● EXERCISE INSTRUCTIONS: Every line in the data below that holds "Blend" should be found and copied.

Start of DATASET EXCERPTS

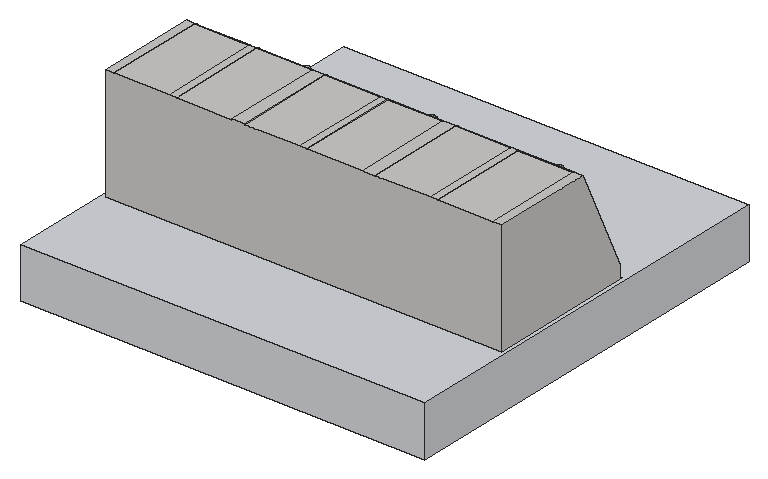
Revit family
Parameters (values of type "4103")
  Waste Connection = yes
  Voltage = 0
  Vent Connection = no
  URL = "http://www.acorneng.com"
  Tempered Water Connection = no
  SWV - Swivel Nozzle on Gooseneck = no
  SS - Storage Shelf = no
  SO - Sensor Operated = no
  SFS - Soap Flush System = no
  SA - Splash Panel = no
  Revised Date = "02/13/13"
  Phone # = "626-336-4561"
  PDM - Metering Liquid Soap Dispenser = no
  PB - Pedestal Base (On-Floor Installation) = no
  Model = "4103"
  Material = Stainless Steel
  Manufacturer = "Acorn Engineering"
  MC - Mounting Carrier (Off-Floor Installation) = no
  LM - Light Module = no
  LFN - Laminar Flow Nozzle = no
  HW Connection = yes
  HTR - Chronomite Instantaneous Water Heater (Refer to Chronomite Labs at http://chronomite.com for applications and sales assistance, supplied by Chronomite for field installation) = no
  EYE - EyeWash (RH Station) = no
  EYE - EyeWash (LH Station) = no
  EYE - EyeWash (CTR Station) = no
  ETC - Electronic Timing Controller = no
  Designed By = "ATS BIM Team"
  Description = "Surgical Scrub Sink Three Station"
  Default Elevation = 40"
  DTD - Digital Time Display = no
  CW Connection = yes
  Amperage = 0
Reference planes (in)
  plane 1 "Center (Front/Back)": y = 0.02332
  plane 2: z = 0
  plane 3 "Center (Left/Right)": x = 0
  plane 4: y = -10.97668
  plane 5: y = -6.10168
  plane 6: through (0, 10.75604, 16.36036) normal (0, 0.4226, -0.9063)
  plane 7: x = 10
  plane 8: y = 11.77332
  plane 9: z = 2.75
  plane 10: z = 8.375
  plane 11: y = -15.97668
  plane 12: y = -13.72668
  plane 13: x = 3.00025
  plane 14: x = -3
  plane 15: y = -39.97668
  plane 16: x = -16
  plane 17: x = 16
  plane 18: z = 27
  plane 19: y = -23.97668
  plane 20: through (-29.99975, 10.75604, 16.36036) normal (0, 0.4226, -0.9063)
  plane 21: x = -27.9995
  plane 22: x = -33.99975
  plane 23: x = -46.9995
  plane 24: through (29.99975, 10.75604, 16.36036) normal (0, -0.4226, 0.9063)
  plane 25: x = 27.9995
  plane 26: x = 33.99975
  plane 27: x = 46.9995
  plane 28: x = 30
  plane 29: x = 44.9995
  plane 30: x = -44.9995
  plane 31: x = -30
  plane 32: x = 40
  plane 33: x = -20
Forms (in)
  Extrusion 1, solid
    sketch origin (0, 0, 0) x (1, 0, 0) y (0, 1, 0)
      loop
        line (-48, 48) -> (-48, -48) -> (48, -48) -> (48, 48) -> (-48, 48)
    from 0 to -12
  Extrusion 2, solid, material "Stainless Steel" <- "Material"
    sketch origin (0, -23.97668, 0) x (0, 1, 0) y (0, 0, 1)
      loop
        line (0, 27) -> (0, 0) -> (35.75, 0) -> (35.75, 0.0625) -> (35.19138, 0.0625) -> (35.19138, 3) -> (24, 27) -> (0, 27)
    from -15.99975 to 15.99975
  Blend 3, solid, material "Stainless Steel" <- "Material"
    base sketch origin (0, 9.15893, 7.44299) x (0, -0.906308, -0.422618) y (1, 0, 0)
      loop
        circle (2.42709, 0) r 1
    top sketch origin (0, 9.15893, 7.44299) x (0, -0.906308, -0.422618) y (1, 0, 0)
      loop
        circle (2.42709, 0) r 0.75
    from -0.17587 to 2.73562
  Sweep 4, solid, material "Stainless Steel" <- "Material"
    path origin (0, -23.97668, 0) x (0, 1, 0) y (0, 0, 1)
      loop
        line (31.09044, 7.94382) -> (38.39525, 11.35011)
        arc (38.39525, 11.35011) -> (39.75849, 15.52985) -> (35.68035, 17.17223) r 3.21935
        line (35.68035, 17.17223) -> (34.59122, 16.66297)
    profile origin (0, 10.76616, 9.64697) x (0, -0.422618, 0.906308) y (1, 0, 0)
      loop
        circle (0.34168, 0) r 0.34456
  Revolve 5, solid, material "Stainless Steel" <- "Material"
    sketch origin (0, -23.97668, 0) x (0, 1, 0) y (0, 0, 1)
      loop
        arc (34.29769, 16.60453) -> (34.22011, 16.62302) -> (34.1844, 16.5517) r 0.06419
        line (34.1844, 16.5517) -> (33.96371, 16.44879)
        arc (33.96371, 16.44879) -> (33.75945, 16.41646) -> (33.56911, 16.49732) r 0.375
        arc (33.56911, 16.49732) -> (33.50566, 16.52427) -> (33.43758, 16.5135) r 0.125
        line (33.43758, 16.5135) -> (33.2681, 16.43447) -> (33.55807, 15.81261) -> (34.73214, 16.36159) -> (34.58731, 16.67134)
        arc (34.58731, 16.67134) -> (34.55219, 16.66114) -> (34.51742, 16.67251) r 0.062
        arc (34.51742, 16.67251) -> (34.48717, 16.68364) -> (34.45542, 16.67808) r 0.062
        line (34.45542, 16.67808) -> (34.29769, 16.60453)
      axis (34.73272, 16.36036) -> (33.55807, 15.81261)
    angle from 0 to 360
  Revolve 6, solid, material "Stainless Steel" <- "Material"
    sketch origin (10, -23.73001, -0.52766) x (0, 1, 0) y (0, 0, 1)
      loop
        line (34.6104, 4.24592) -> (34.84959, 4.35746) -> (34.95939, 4.12201)
        arc (34.95939, 4.12201) -> (34.98569, 4.10197) -> (35.01712, 4.11224) r 0.03557
        line (35.01712, 4.11224) -> (35.38763, 4.49312) -> (35.37195, 5.19922) -> (35.28103, 5.39419) -> (34.29037, 4.93224) -> (34.6104, 4.24592)
      axis (34.29037, 4.93224) -> (35.28103, 5.39419)
    angle from 0 to 360
  Extrusion 7, solid, material "Stainless Steel" <- "Material"
    sketch origin (0.15165, -23.50712, -9.62732) x (1, 0, 0) y (0, -0.275637, 0.961262)
      loop
        arc (10.0898, 7.82211) -> (10.07064, 7.85433) -> (10.03536, 7.867) r 0.05546
        line (10.03536, 7.867) -> (9.65003, 7.867)
        arc (9.65003, 7.867) -> (9.61474, 7.85433) -> (9.59558, 7.82211) r 0.05546
        line (9.59558, 7.82211) -> (9.07652, 5.14876)
        arc (9.07652, 5.14876) -> (9.19189, 4.56918) -> (9.68037, 4.23658) r 0.78048
        arc (9.68037, 4.23658) -> (9.7098, 4.21972) -> (9.72391, 4.18888) r 0.05546
        line (9.72391, 4.18888) -> (9.74737, 3.99147)
        arc (9.74737, 3.99147) -> (9.7609, 3.96556) -> (9.78823, 3.95518) r 0.04115
        line (9.78823, 3.95518) -> (9.89716, 3.95518)
        arc (9.89716, 3.95518) -> (9.92448, 3.96556) -> (9.93802, 3.99147) r 0.04115
        line (9.93802, 3.99147) -> (9.96148, 4.18888)
        arc (9.96148, 4.18888) -> (9.97559, 4.21972) -> (10.00502, 4.23658) r 0.05546
        arc (10.00502, 4.23658) -> (10.4935, 4.56918) -> (10.60887, 5.14876) r 0.78048
        line (10.60887, 5.14876) -> (10.0898, 7.82211)
    from -37.06708 to -36.91624
  Extrusion 8, void
    sketch origin (0, -24, 0) x (1, 0, 0) y (0, 1, 0)
      loop
        line (-13.99975, 23.9375) -> (-13.99975, 0) -> (-0.84375, 0) -> (-0.84375, 23.9375) -> (-13.99975, 23.9375)
      loop
        line (0.84425, 23.9375) -> (0.84425, 0.02332) -> (13.99975, 0.02332) -> (13.99975, 23.9375) -> (0.84425, 23.9375)
    from 27 to 26.95
  Extrusion 9, solid, material "Stainless Steel" <- "Material"
    sketch origin (-3, -5, 0) x (1, 0, 0) y (0, 0, 1)
      loop
        circle (0, 2.75) r 0.25
    from -5 to 10.97668
  Extrusion 10, solid, material "Stainless Steel" <- "Material"
    sketch origin (3, -5, 0) x (1, 0, 0) y (0, 0, 1)
      loop
        circle (0, 2.75) r 0.25
    from -5 to 10.97668
  Extrusion 11, solid, material "Stainless Steel" <- "Material"
    sketch origin (0, 0.02332, 5.64636) x (1, 0, 0) y (0, 0, 1)
      loop
        circle (0, 2.72864) r 0.75
    from 10.97668 to 13.75
  Extrusion 12, solid, material "Stainless Steel" <- "Material"
    sketch origin (-30.99975, -23.97668, 0) x (0, 1, 0) y (0, 0, 1)
      loop
        line (0, 27) -> (0, 0) -> (35.75, 0) -> (35.75, 0.0625) -> (35.19138, 0.0625) -> (35.19138, 3) -> (24, 27) -> (0, 27)
    from -15.99975 to 15.99975
  Extrusion 13, void
    sketch origin (-30.99975, -23.97668, 0) x (0, 1, 0) y (0, 0, 1)
      loop
        line (22.9414, 25.03038) -> (17.41229, 25.03038) -> (13, 10.53113) -> (13, 5.5625) -> (29.51903, 5.5625) -> (33.21411, 7.29026) -> (24, 27) -> (24, 26.95) -> (23.91418, 26.95) -> (23.14078, 25.1574)
        arc (23.14078, 25.1574) -> (23.0596, 25.06484) -> (22.9414, 25.03038) r 0.21999
    from -13.99975 to 75.99925
  Blend 14, solid, material "Stainless Steel" <- "Material"
    base sketch origin (0, 9.15893, 7.44299) x (0, -0.906308, -0.422618) y (1, 0, 0)
      loop
        circle (2.42709, 0) r 1
    top sketch origin (0, 9.15893, 7.44299) x (0, -0.906308, -0.422618) y (1, 0, 0)
      loop
        circle (2.42709, 0) r 0.75
    from -0.17587 to 2.73562
  Sweep 15, solid, material "Stainless Steel" <- "Material"
    path origin (-29.99975, -23.97668, 0) x (0, 1, 0) y (0, 0, 1)
      loop
        line (31.09044, 7.94382) -> (38.39525, 11.35011)
        arc (38.39525, 11.35011) -> (39.75849, 15.52985) -> (35.68035, 17.17223) r 3.21935
        line (35.68035, 17.17223) -> (34.59122, 16.66297)
    profile origin (-29.99975, 10.76616, 9.64697) x (0, -0.422618, 0.906308) y (1, 0, 0)
      loop
        circle (0.34168, 0) r 0.34456
  Revolve 16, solid, material "Stainless Steel" <- "Material"
    sketch origin (-29.99975, -23.97668, 0) x (0, 1, 0) y (0, 0, 1)
      loop
        arc (34.29769, 16.60453) -> (34.22011, 16.62302) -> (34.1844, 16.5517) r 0.06419
        line (34.1844, 16.5517) -> (33.96371, 16.44879)
        arc (33.96371, 16.44879) -> (33.75945, 16.41646) -> (33.56911, 16.49732) r 0.375
        arc (33.56911, 16.49732) -> (33.50566, 16.52427) -> (33.43758, 16.5135) r 0.125
        line (33.43758, 16.5135) -> (33.2681, 16.43447) -> (33.55807, 15.81261) -> (34.73214, 16.36159) -> (34.58731, 16.67134)
        arc (34.58731, 16.67134) -> (34.55219, 16.66114) -> (34.51742, 16.67251) r 0.062
        arc (34.51742, 16.67251) -> (34.48717, 16.68364) -> (34.45542, 16.67808) r 0.062
        line (34.45542, 16.67808) -> (34.29769, 16.60453)
      axis (34.73272, 16.36036) -> (33.55807, 15.81261)
    angle from 0 to 360
  Revolve 17, solid, material "Stainless Steel" <- "Material"
    sketch origin (-20, -23.72724, -0.52766) x (0, 1, 0) y (0, 0, 1)
      loop
        line (34.6104, 4.24592) -> (34.84959, 4.35746) -> (34.95939, 4.12201)
        arc (34.95939, 4.12201) -> (34.98569, 4.10197) -> (35.01712, 4.11224) r 0.03557
        line (35.01712, 4.11224) -> (35.38763, 4.49312) -> (35.37195, 5.19922) -> (35.28103, 5.39419) -> (34.29037, 4.93224) -> (34.6104, 4.24592)
      axis (34.29037, 4.93224) -> (35.28103, 5.39419)
    angle from 0 to 360
  Extrusion 18, solid, material "Stainless Steel" <- "Material"
    sketch origin (-29.84835, -23.50434, -9.62732) x (1, 0, 0) y (0, -0.275637, 0.961262)
      loop
        arc (10.0898, 7.82211) -> (10.07064, 7.85433) -> (10.03536, 7.867) r 0.05546
        line (10.03536, 7.867) -> (9.65003, 7.867)
        arc (9.65003, 7.867) -> (9.61474, 7.85433) -> (9.59558, 7.82211) r 0.05546
        line (9.59558, 7.82211) -> (9.07652, 5.14876)
        arc (9.07652, 5.14876) -> (9.19189, 4.56918) -> (9.68037, 4.23658) r 0.78048
        arc (9.68037, 4.23658) -> (9.7098, 4.21972) -> (9.72391, 4.18888) r 0.05546
        line (9.72391, 4.18888) -> (9.74737, 3.99147)
        arc (9.74737, 3.99147) -> (9.7609, 3.96556) -> (9.78823, 3.95518) r 0.04115
        line (9.78823, 3.95518) -> (9.89716, 3.95518)
        arc (9.89716, 3.95518) -> (9.92448, 3.96556) -> (9.93802, 3.99147) r 0.04115
        line (9.93802, 3.99147) -> (9.96148, 4.18888)
        arc (9.96148, 4.18888) -> (9.97559, 4.21972) -> (10.00502, 4.23658) r 0.05546
        arc (10.00502, 4.23658) -> (10.4935, 4.56918) -> (10.60887, 5.14876) r 0.78048
        line (10.60887, 5.14876) -> (10.0898, 7.82211)
    from -37.06708 to -36.91624
  Extrusion 19, void
    sketch origin (-30.99975, -24, 0) x (1, 0, 0) y (0, 1, 0)
      loop
        line (-13.99975, 23.9375) -> (-13.99975, 0) -> (-0.84375, 0) -> (-0.84375, 23.9375) -> (-13.99975, 23.9375)
      loop
        line (0.84425, 23.9375) -> (0.84425, 0.02332) -> (13.99975, 0.02332) -> (13.99975, 23.9375) -> (0.84425, 23.9375)
    from 27 to 26.95
  Extrusion 20, solid, material "Stainless Steel" <- "Material"
    sketch origin (-33.99975, -5, 0) x (1, 0, 0) y (0, 0, 1)
      loop
        circle (0, 2.75) r 0.25
    from -5 to 10.97668
  Extrusion 21, solid, material "Stainless Steel" <- "Material"
    sketch origin (-27.99975, -5, 0) x (1, 0, 0) y (0, 0, 1)
      loop
        circle (0, 2.75) r 0.25
    from -5 to 10.97668
  Extrusion 22, solid, material "Stainless Steel" <- "Material"
    sketch origin (-30, 0.02332, 5.64636) x (1, 0, 0) y (0, 0, 1)
      loop
        circle (0, 2.72864) r 0.75
    from 10.97668 to 13.75
  Extrusion 23, solid, material "Stainless Steel" <- "Material"
    sketch origin (30.99975, -23.97668, 0) x (0, 1, 0) y (0, 0, -1)
      loop
        line (0, -27) -> (24, -27) -> (35.19138, -3) -> (35.19138, -0.0625) -> (35.75, -0.0625) -> (35.75, 0) -> (0, 0) -> (0, -27)
    from -15.99975 to 15.99975
  Sweep 24, solid, material "Stainless Steel" <- "Material"
    path origin (29.99975, -23.97668, 0) x (0, 1, 0) y (0, 0, -1)
      loop
        line (31.09044, -7.94382) -> (38.39525, -11.35011)
        arc (38.39525, -11.35011) -> (39.75849, -15.52985) -> (35.68035, -17.17223) r 3.21935
        line (35.68035, -17.17223) -> (34.59122, -16.66297)
    profile origin (29.99975, 10.76616, 9.64697) x (0, 0.422618, -0.906308) y (-1, 0, 0)
      loop
        circle (-0.34168, 0) r 0.34456
  Revolve 25, solid, material "Stainless Steel" <- "Material"
    sketch origin (29.99975, -23.97668, 0) x (0, 1, 0) y (0, 0, -1)
      loop
        line (34.29769, -16.60453) -> (34.45542, -16.67808)
        arc (34.45542, -16.67808) -> (34.48717, -16.68364) -> (34.51742, -16.67251) r 0.062
        arc (34.51742, -16.67251) -> (34.55219, -16.66114) -> (34.58731, -16.67134) r 0.062
        line (34.58731, -16.67134) -> (34.73214, -16.36159) -> (33.55807, -15.81261) -> (33.2681, -16.43447) -> (33.43758, -16.5135)
        arc (33.43758, -16.5135) -> (33.50566, -16.52427) -> (33.56911, -16.49732) r 0.125
        arc (33.56911, -16.49732) -> (33.75945, -16.41646) -> (33.96371, -16.44879) r 0.375
        line (33.96371, -16.44879) -> (34.1844, -16.5517)
        arc (34.1844, -16.5517) -> (34.22011, -16.62302) -> (34.29769, -16.60453) r 0.06419
      axis (34.73272, -16.36036) -> (33.55807, -15.81261)
    angle from 0 to 360
  Revolve 26, solid, material "Stainless Steel" <- "Material"
    sketch origin (40, -23.73261, -0.52766) x (0, 1, 0) y (0, 0, -1)
      loop
        line (34.6104, -4.24592) -> (34.29037, -4.93224) -> (35.28103, -5.39419) -> (35.37195, -5.19922) -> (35.38763, -4.49312) -> (35.01712, -4.11224)
        arc (35.01712, -4.11224) -> (34.98569, -4.10197) -> (34.95939, -4.12201) r 0.03557
        line (34.95939, -4.12201) -> (34.84959, -4.35746) -> (34.6104, -4.24592)
      axis (34.29037, -4.93224) -> (35.28103, -5.39419)
    angle from 0 to 360
  Extrusion 27, solid, material "Stainless Steel" <- "Material"
    sketch origin (49.84835, -23.50971, -9.62732) x (-1, 0, 0) y (0, 0.275637, -0.961262)
      loop
        line (10.0898, -7.82211) -> (10.60887, -5.14876)
        arc (10.60887, -5.14876) -> (10.4935, -4.56918) -> (10.00502, -4.23658) r 0.78048
        arc (10.00502, -4.23658) -> (9.97559, -4.21972) -> (9.96148, -4.18888) r 0.05546
        line (9.96148, -4.18888) -> (9.93802, -3.99147)
        arc (9.93802, -3.99147) -> (9.92448, -3.96556) -> (9.89716, -3.95518) r 0.04115
        line (9.89716, -3.95518) -> (9.78823, -3.95518)
        arc (9.78823, -3.95518) -> (9.7609, -3.96556) -> (9.74737, -3.99147) r 0.04115
        line (9.74737, -3.99147) -> (9.72391, -4.18888)
        arc (9.72391, -4.18888) -> (9.7098, -4.21972) -> (9.68037, -4.23658) r 0.05546
        arc (9.68037, -4.23658) -> (9.19189, -4.56918) -> (9.07652, -5.14876) r 0.78048
        line (9.07652, -5.14876) -> (9.59558, -7.82211)
        arc (9.59558, -7.82211) -> (9.61474, -7.85433) -> (9.65003, -7.867) r 0.05546
        line (9.65003, -7.867) -> (10.03536, -7.867)
        arc (10.03536, -7.867) -> (10.07064, -7.85433) -> (10.0898, -7.82211) r 0.05546
    from -37.06708 to -36.91624
  Extrusion 28, void
    sketch origin (30.99975, -24, 0) x (-1, 0, 0) y (0, -1, 0)
      loop
        line (-13.99975, -23.9375) -> (-0.84375, -23.9375) -> (-0.84375, 0) -> (-13.99975, 0) -> (-13.99975, -23.9375)
      loop
        line (0.84425, -23.9375) -> (13.99975, -23.9375) -> (13.99975, -0.02332) -> (0.84425, -0.02332) -> (0.84425, -23.9375)
    from 27 to 26.95
  Extrusion 29, solid, material "Stainless Steel" <- "Material"
    sketch origin (33.99975, -5, 0) x (-1, 0, 0) y (0, 0, -1)
      loop
        circle (0, -2.75) r 0.25
    from -5 to 10.97668
  Extrusion 30, solid, material "Stainless Steel" <- "Material"
    sketch origin (27.99975, -5, 0) x (-1, 0, 0) y (0, 0, -1)
      loop
        circle (0, -2.75) r 0.25
    from -5 to 10.97668
  Extrusion 31, solid, material "Stainless Steel" <- "Material"
    sketch origin (30, 0.02332, 5.64636) x (-1, 0, 0) y (0, 0, -1)
      loop
        circle (0, -2.72864) r 0.75
    from 10.97668 to 13.75
  Blend 32, solid, material "Stainless Steel" <- "Material"
    base sketch origin (29.99975, 9.15893, 7.44299) x (0, -0.906308, -0.422618) y (1, 0, 0)
      loop
        circle (2.42709, 0) r 1
    top sketch origin (29.99975, 9.15893, 7.44299) x (0, -0.906308, -0.422618) y (1, 0, 0)
      loop
        circle (2.42709, 0) r 0.75
    from -0.17587 to 2.73562
  Blend 33, solid, material "Stainless Steel" <- "Material"
    base sketch origin (-29.99975, 9.15893, 7.44299) x (0, -0.906308, -0.422618) y (1, 0, 0)
      loop
        circle (2.42709, 0) r 1
    top sketch origin (-29.99975, 9.15893, 7.44299) x (0, -0.906308, -0.422618) y (1, 0, 0)
      loop
        circle (2.42709, 0) r 0.75
    from -0.17587 to 2.73562
Cuts and joins
  Extrusion 13 cuts Extrusion 11
  Extrusion 8, Extrusion 13, Extrusion 19 cuts Extrusion 2
  Extrusion 8, Extrusion 13, Extrusion 19 cuts Blend 3
  Extrusion 8, Extrusion 19 cuts Sweep 4
  Extrusion 8, Extrusion 13, Extrusion 19 cuts Revolve 6
  Extrusion 8, Extrusion 13, Extrusion 19 cuts Extrusion 7
  Extrusion 13, Extrusion 19, Extrusion 28 cuts Extrusion 12
  Extrusion 13, Extrusion 28 cuts Extrusion 23
  joined: Extrusion 2, Blend 3, Sweep 4, Revolve 6, Extrusion 7, Extrusion 12, Revolve 17, Extrusion 18, Extrusion 23, Revolve 26, Extrusion 27
  Extrusion 13 cuts Extrusion 22
Dimensions and locks (in)
  plane 3 "Center (Left/Right)" to plane 7 = 10"
  Extrusion 1 to plane 9 = 2 3/4"
  Extrusion 1 to plane 10 = 8 3/8"
  plane 15 to plane 12 = 26 1/4"
  plane 11 to plane 15 = 24"
  plane 9 to Extrusion 1 = 2 3/4"
  plane 10 to Extrusion 1 = 8 3/8"
  plane 14 to plane 3 "Center (Left/Right)" = 3"
  plane 14 to plane 13 = 6.00025"
  plane 23 to plane 27 = 93.999"
  plane 15 to plane 8 = 51 3/4"
  plane 2 to plane 18 = 27"
  plane 19 to plane 1 "Center (Front/Back)" = 24"
  plane 15 to plane 1 "Center (Front/Back)" = 40"
  plane 8 to plane 19 = 35 3/4"
  plane 31 to plane 3 "Center (Left/Right)" to plane 28 = 30", 30"
  plane 27 to plane 29 = 2"
  plane 23 to plane 30 = 2"
  plane 7 to plane 3 "Center (Left/Right)" = 10"
  plane 28 to plane 32 = 10"
  plane 31 to plane 33 = 10"
  aligned and locked: plane 2 to Extrusion 1
  aligned and locked: level to Extrusion 1
Connectors (in)
  piping at (0, -13.72668, 8.375)
    settings: on Extrusion 11, index 1
  piping at (3, -15.97668, 2.75)
    settings: on Extrusion 10, index 2
  piping at (-3, -15.97668, 2.75)
    settings: on Extrusion 9, index 3
  piping at (-30, -13.72668, 8.375)
    settings: on Extrusion 22, index 4
  piping at (-27.99975, -15.97668, 2.75)
    settings: on Extrusion 21, index 5
  piping at (-33.99975, -15.97668, 2.75)
    settings: on Extrusion 20, index 6
  piping at (30, -13.72668, 8.375)
    settings: on Extrusion 31, index 7
  piping at (27.99975, -15.97668, 2.75)
    settings: on Extrusion 30, index 8
  piping at (33.99975, -15.97668, 2.75)
    settings: on Extrusion 29, index 9

End of DATASET EXCERPTS

● TASK SOLUTION:
  Blend 3, solid, material "Stainless Steel" <- "Material"
  Blend 14, solid, material "Stainless Steel" <- "Material"
  Blend 32, solid, material "Stainless Steel" <- "Material"
  Blend 33, solid, material "Stainless Steel" <- "Material"
  Extrusion 8, Extrusion 13, Extrusion 19 cuts Blend 3
  joined: Extrusion 2, Blend 3, Sweep 4, Revolve 6, Extrusion 7, Extrusion 12, Revolve 17, Extrusion 18, Extrusion 23, Revolve 26, Extrusion 27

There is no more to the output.